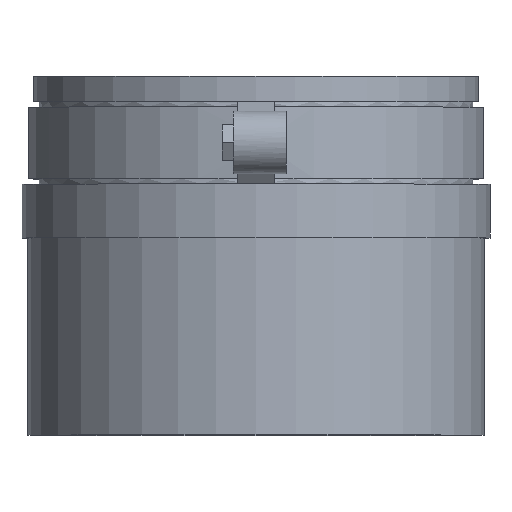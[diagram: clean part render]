
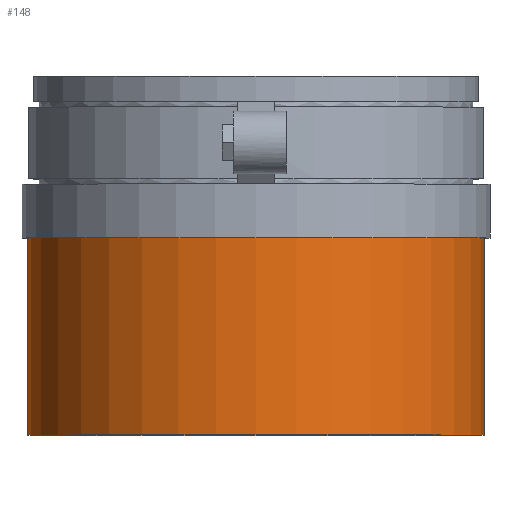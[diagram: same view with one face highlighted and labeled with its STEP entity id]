
A CAD part, top view. The second image highlights one B-rep face of the part: STEP entity #148.
In plain terms, the highlighted cylindrical face has radius 60.5 mm (diameter 121 mm), a full revolution.
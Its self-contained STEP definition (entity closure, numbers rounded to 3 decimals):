
#148 = ADVANCED_FACE( '', ( #316, #317 ), #318, .T. );
#316 = FACE_OUTER_BOUND( '', #491, .T. );
#317 = FACE_OUTER_BOUND( '', #492, .T. );
#318 = CYLINDRICAL_SURFACE( '', #493, 60.5 );
#491 = EDGE_LOOP( '', ( #858 ) );
#492 = EDGE_LOOP( '', ( #859 ) );
#493 = AXIS2_PLACEMENT_3D( '', #860, #861, #862 );
#858 = ORIENTED_EDGE( '', *, *, #1024, .F. );
#859 = ORIENTED_EDGE( '', *, *, #996, .T. );
#860 = CARTESIAN_POINT( '', ( 0., 0., 0. ) );
#861 = DIRECTION( '', ( 0., 1., 0. ) );
#862 = DIRECTION( '', ( 0., 0., -1. ) );
#996 = EDGE_CURVE( '', #1178, #1178, #1179, .T. );
#1024 = EDGE_CURVE( '', #1228, #1228, #1229, .T. );
#1178 = VERTEX_POINT( '', #1448 );
#1179 = CIRCLE( '', #1449, 60.5 );
#1228 = VERTEX_POINT( '', #1516 );
#1229 = CIRCLE( '', #1517, 60.5 );
#1448 = CARTESIAN_POINT( '', ( 0., 52.25, -60.5 ) );
#1449 = AXIS2_PLACEMENT_3D( '', #1824, #1825, #1826 );
#1516 = CARTESIAN_POINT( '', ( 0., 0., -60.5 ) );
#1517 = AXIS2_PLACEMENT_3D( '', #1857, #1858, #1859 );
#1824 = CARTESIAN_POINT( '', ( 0., 52.25, 0. ) );
#1825 = DIRECTION( '', ( 0., -1., 0. ) );
#1826 = DIRECTION( '', ( 0., 0., -1. ) );
#1857 = CARTESIAN_POINT( '', ( 0., 0., 0. ) );
#1858 = DIRECTION( '', ( 0., -1., 0. ) );
#1859 = DIRECTION( '', ( 0., 0., -1. ) );

★ ★ ★ ★

▸ What needs to be done: Exactly and only the lines from the line containing "#996 = EDGE_CURVE( '', #1178, #1178, #1179, .T." through the final line of the records above must be returned.

▸ Answer space:
#996 = EDGE_CURVE( '', #1178, #1178, #1179, .T. );
#1024 = EDGE_CURVE( '', #1228, #1228, #1229, .T. );
#1178 = VERTEX_POINT( '', #1448 );
#1179 = CIRCLE( '', #1449, 60.5 );
#1228 = VERTEX_POINT( '', #1516 );
#1229 = CIRCLE( '', #1517, 60.5 );
#1448 = CARTESIAN_POINT( '', ( 0., 52.25, -60.5 ) );
#1449 = AXIS2_PLACEMENT_3D( '', #1824, #1825, #1826 );
#1516 = CARTESIAN_POINT( '', ( 0., 0., -60.5 ) );
#1517 = AXIS2_PLACEMENT_3D( '', #1857, #1858, #1859 );
#1824 = CARTESIAN_POINT( '', ( 0., 52.25, 0. ) );
#1825 = DIRECTION( '', ( 0., -1., 0. ) );
#1826 = DIRECTION( '', ( 0., 0., -1. ) );
#1857 = CARTESIAN_POINT( '', ( 0., 0., 0. ) );
#1858 = DIRECTION( '', ( 0., -1., 0. ) );
#1859 = DIRECTION( '', ( 0., 0., -1. ) );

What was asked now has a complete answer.